▸ **ACTIVITY**
State only how many lines in the listing contain the string "Polygon".

▸ **DATASET ENTRIES**
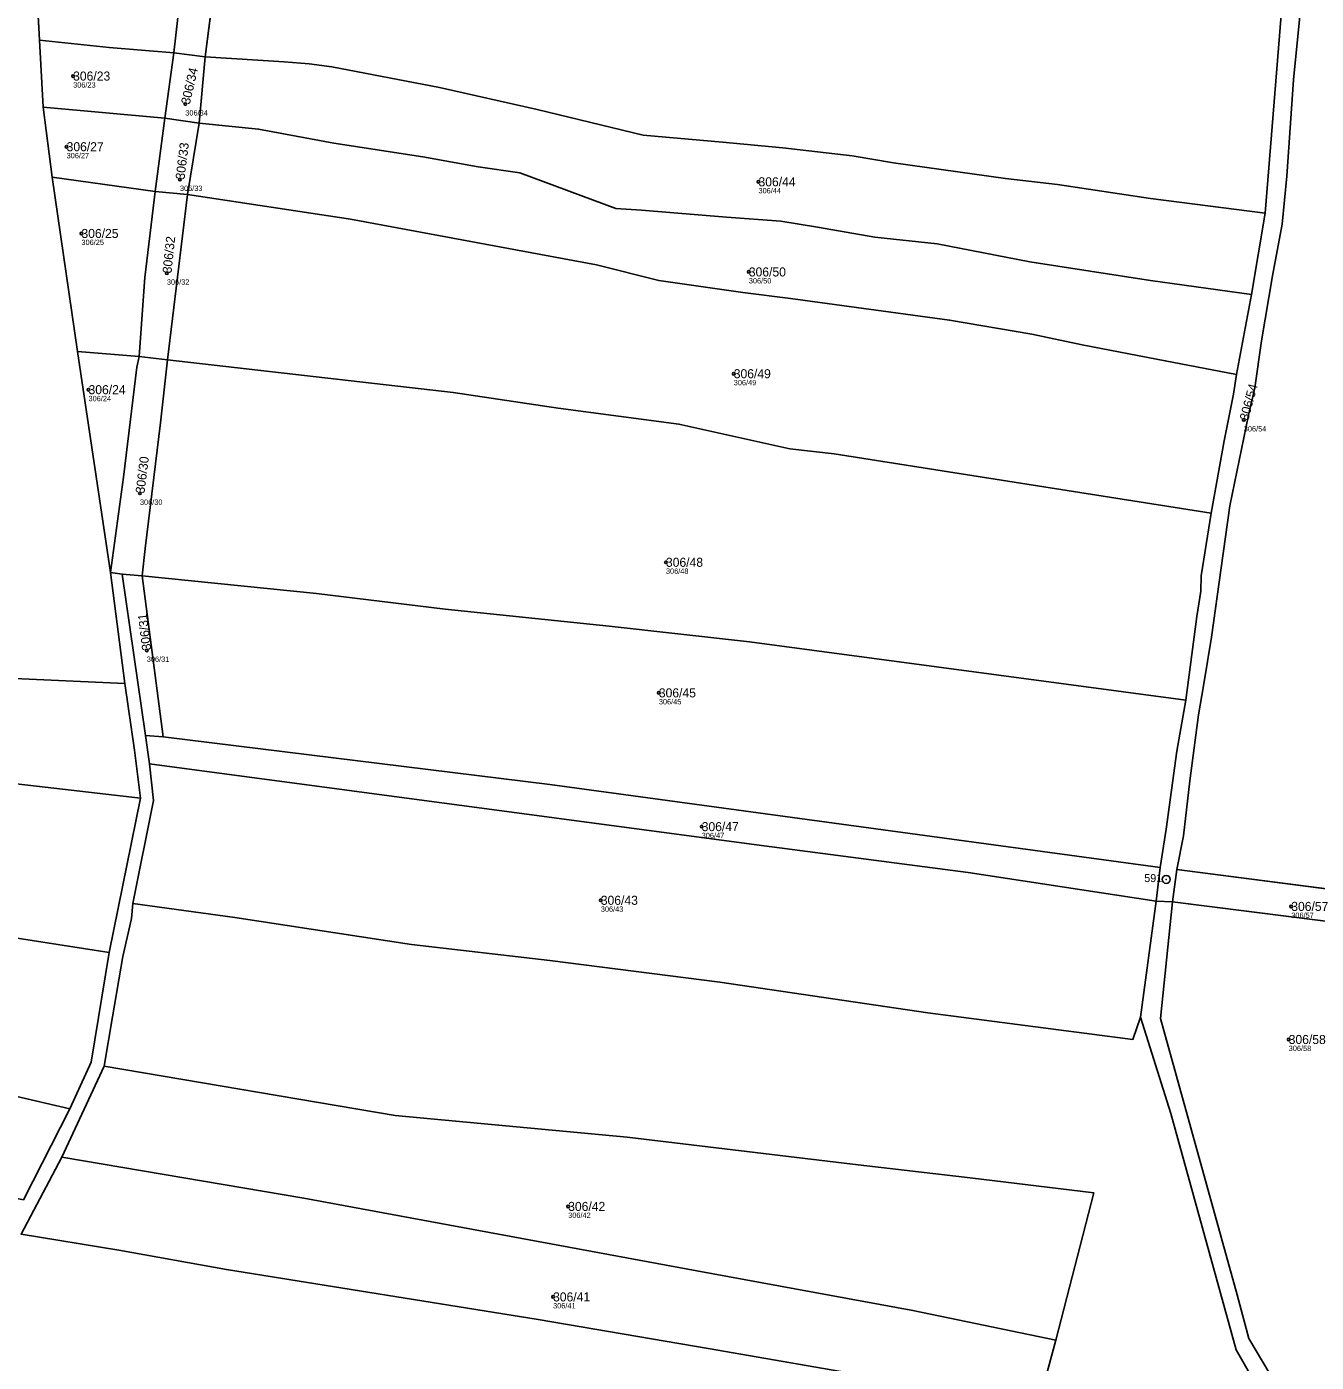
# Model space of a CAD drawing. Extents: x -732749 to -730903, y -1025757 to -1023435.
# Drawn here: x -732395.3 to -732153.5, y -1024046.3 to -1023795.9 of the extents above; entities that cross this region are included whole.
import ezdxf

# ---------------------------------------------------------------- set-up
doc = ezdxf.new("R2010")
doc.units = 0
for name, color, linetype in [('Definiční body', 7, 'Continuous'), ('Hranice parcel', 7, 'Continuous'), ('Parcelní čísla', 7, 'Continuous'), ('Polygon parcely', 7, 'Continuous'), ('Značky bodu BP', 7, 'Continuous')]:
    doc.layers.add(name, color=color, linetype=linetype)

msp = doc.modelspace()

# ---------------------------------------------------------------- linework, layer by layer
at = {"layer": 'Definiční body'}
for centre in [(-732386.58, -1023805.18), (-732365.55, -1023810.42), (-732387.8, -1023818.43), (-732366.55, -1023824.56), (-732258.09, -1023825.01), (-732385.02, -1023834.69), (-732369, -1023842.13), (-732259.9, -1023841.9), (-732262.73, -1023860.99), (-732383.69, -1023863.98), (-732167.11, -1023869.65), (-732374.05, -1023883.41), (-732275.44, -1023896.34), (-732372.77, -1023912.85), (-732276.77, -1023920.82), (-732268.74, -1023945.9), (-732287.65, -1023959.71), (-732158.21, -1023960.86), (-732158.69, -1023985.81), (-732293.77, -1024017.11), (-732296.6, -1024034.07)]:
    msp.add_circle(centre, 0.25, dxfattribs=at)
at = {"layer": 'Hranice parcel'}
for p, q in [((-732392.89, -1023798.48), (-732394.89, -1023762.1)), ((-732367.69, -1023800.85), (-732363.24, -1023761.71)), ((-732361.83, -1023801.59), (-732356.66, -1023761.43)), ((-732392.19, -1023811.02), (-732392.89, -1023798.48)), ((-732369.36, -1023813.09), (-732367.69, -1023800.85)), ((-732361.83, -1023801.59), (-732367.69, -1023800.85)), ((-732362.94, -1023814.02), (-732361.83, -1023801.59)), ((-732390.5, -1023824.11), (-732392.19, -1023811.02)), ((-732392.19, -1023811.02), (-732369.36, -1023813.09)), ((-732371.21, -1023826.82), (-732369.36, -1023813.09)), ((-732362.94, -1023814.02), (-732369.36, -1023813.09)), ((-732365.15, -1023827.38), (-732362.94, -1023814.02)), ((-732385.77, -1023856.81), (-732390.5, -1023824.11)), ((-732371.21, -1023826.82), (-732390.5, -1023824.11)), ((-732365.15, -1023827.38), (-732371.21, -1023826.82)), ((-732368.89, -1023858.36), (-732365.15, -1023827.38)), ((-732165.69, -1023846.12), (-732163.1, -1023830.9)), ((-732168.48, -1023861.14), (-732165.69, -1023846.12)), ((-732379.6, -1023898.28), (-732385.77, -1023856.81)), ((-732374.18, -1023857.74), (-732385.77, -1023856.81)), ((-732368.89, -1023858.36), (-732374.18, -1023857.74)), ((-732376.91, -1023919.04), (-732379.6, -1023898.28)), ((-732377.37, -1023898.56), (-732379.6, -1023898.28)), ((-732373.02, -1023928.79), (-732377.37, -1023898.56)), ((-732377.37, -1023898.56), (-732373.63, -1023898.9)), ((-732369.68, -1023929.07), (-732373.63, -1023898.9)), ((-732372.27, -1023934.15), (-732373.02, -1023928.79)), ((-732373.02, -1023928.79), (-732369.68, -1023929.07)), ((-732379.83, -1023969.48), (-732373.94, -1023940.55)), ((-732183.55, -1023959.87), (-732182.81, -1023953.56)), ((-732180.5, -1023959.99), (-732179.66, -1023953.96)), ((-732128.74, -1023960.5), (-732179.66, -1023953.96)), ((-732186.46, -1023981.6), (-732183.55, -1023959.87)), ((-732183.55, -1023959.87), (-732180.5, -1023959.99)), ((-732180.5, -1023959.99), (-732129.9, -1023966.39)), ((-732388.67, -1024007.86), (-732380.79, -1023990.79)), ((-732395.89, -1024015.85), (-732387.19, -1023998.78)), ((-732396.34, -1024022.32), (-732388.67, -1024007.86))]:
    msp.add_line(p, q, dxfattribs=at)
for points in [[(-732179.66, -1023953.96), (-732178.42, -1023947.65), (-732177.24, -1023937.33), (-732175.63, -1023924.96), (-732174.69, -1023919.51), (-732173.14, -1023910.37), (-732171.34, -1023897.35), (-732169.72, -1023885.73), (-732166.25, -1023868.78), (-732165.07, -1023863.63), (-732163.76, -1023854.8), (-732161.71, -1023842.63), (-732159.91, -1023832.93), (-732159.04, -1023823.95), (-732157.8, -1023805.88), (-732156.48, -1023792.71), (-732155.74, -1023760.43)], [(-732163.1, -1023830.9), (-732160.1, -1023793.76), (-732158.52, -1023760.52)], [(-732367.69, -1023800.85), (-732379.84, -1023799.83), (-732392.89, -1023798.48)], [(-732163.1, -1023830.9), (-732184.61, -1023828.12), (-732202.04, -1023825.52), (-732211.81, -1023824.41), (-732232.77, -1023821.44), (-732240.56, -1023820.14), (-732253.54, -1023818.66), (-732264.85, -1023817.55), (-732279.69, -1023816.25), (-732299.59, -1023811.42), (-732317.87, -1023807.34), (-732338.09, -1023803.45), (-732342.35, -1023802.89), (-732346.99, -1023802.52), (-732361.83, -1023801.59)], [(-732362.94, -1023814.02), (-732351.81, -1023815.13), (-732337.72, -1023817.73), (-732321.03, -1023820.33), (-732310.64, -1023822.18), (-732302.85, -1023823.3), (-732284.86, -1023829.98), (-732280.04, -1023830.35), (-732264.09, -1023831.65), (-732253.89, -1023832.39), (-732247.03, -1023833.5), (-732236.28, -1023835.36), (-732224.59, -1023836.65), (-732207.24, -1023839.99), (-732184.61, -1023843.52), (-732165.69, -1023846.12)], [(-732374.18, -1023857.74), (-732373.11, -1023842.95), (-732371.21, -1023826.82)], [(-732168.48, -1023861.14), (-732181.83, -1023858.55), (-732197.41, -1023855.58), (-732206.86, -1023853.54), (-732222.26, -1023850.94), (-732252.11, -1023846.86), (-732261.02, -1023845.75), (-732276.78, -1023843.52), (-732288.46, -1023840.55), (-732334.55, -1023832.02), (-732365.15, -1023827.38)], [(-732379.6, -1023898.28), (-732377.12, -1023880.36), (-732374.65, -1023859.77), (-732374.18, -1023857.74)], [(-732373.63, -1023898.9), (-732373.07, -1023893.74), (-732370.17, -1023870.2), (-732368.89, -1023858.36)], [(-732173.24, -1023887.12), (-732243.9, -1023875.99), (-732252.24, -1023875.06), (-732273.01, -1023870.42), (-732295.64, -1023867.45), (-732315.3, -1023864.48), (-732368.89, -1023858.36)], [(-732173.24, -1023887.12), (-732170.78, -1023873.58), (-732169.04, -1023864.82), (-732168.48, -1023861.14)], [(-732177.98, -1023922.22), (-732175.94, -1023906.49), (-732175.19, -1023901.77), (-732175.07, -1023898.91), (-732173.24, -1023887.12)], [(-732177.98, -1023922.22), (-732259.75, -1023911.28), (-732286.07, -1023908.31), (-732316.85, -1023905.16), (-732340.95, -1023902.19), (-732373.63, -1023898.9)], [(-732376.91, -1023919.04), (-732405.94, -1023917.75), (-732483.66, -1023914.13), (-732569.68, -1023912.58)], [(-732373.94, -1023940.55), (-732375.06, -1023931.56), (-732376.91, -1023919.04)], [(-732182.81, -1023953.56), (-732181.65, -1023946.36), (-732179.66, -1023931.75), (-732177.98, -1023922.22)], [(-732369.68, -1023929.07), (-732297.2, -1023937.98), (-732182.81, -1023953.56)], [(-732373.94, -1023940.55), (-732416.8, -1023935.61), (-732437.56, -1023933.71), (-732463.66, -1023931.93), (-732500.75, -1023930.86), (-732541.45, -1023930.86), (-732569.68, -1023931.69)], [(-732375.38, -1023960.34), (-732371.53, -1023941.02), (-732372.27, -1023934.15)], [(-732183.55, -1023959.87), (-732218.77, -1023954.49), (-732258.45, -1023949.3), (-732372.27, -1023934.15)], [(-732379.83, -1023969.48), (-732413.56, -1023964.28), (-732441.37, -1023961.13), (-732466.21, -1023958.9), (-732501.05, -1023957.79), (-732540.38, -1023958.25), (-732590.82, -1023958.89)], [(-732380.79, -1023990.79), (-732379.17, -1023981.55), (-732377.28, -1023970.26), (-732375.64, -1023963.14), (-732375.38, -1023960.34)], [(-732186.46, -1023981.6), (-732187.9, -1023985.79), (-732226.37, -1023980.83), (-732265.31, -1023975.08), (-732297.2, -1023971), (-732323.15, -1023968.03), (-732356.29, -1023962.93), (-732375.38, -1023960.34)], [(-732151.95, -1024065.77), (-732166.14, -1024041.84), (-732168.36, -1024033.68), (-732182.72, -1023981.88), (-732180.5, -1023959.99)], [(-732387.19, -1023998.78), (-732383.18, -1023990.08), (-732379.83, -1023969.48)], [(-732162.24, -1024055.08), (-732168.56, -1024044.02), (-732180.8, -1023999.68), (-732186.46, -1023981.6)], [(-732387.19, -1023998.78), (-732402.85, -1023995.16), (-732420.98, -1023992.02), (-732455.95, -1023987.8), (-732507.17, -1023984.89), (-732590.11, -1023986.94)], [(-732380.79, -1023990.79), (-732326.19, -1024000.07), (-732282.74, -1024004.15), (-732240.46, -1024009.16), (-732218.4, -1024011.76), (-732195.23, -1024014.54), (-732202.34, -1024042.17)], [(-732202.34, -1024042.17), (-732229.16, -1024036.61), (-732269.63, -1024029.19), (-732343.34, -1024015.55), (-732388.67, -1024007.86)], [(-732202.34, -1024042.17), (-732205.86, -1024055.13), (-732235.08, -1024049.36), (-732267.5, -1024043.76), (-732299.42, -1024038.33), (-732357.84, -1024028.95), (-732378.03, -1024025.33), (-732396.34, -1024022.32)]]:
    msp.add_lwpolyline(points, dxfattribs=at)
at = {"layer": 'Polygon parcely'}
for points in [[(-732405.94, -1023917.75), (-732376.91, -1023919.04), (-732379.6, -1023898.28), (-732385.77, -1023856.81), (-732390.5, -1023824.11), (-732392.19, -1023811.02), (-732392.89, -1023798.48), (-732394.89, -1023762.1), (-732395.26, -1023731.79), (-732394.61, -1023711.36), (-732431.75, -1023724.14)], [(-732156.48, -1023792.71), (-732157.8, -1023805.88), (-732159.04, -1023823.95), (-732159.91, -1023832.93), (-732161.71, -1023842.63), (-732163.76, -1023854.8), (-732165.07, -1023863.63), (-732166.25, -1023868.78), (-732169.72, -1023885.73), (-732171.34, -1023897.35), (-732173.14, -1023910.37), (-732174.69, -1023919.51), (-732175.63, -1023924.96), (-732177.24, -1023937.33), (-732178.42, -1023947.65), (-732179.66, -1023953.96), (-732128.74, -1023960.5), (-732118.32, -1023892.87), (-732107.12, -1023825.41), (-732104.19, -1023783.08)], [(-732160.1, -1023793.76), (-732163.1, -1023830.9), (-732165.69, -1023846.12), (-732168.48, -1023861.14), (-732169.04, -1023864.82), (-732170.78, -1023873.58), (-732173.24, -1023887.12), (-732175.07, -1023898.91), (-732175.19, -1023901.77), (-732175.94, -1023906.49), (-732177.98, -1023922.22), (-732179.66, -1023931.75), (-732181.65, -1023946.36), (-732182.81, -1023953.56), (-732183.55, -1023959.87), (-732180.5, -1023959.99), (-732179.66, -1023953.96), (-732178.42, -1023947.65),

▸ **RESPONSE BOX**
2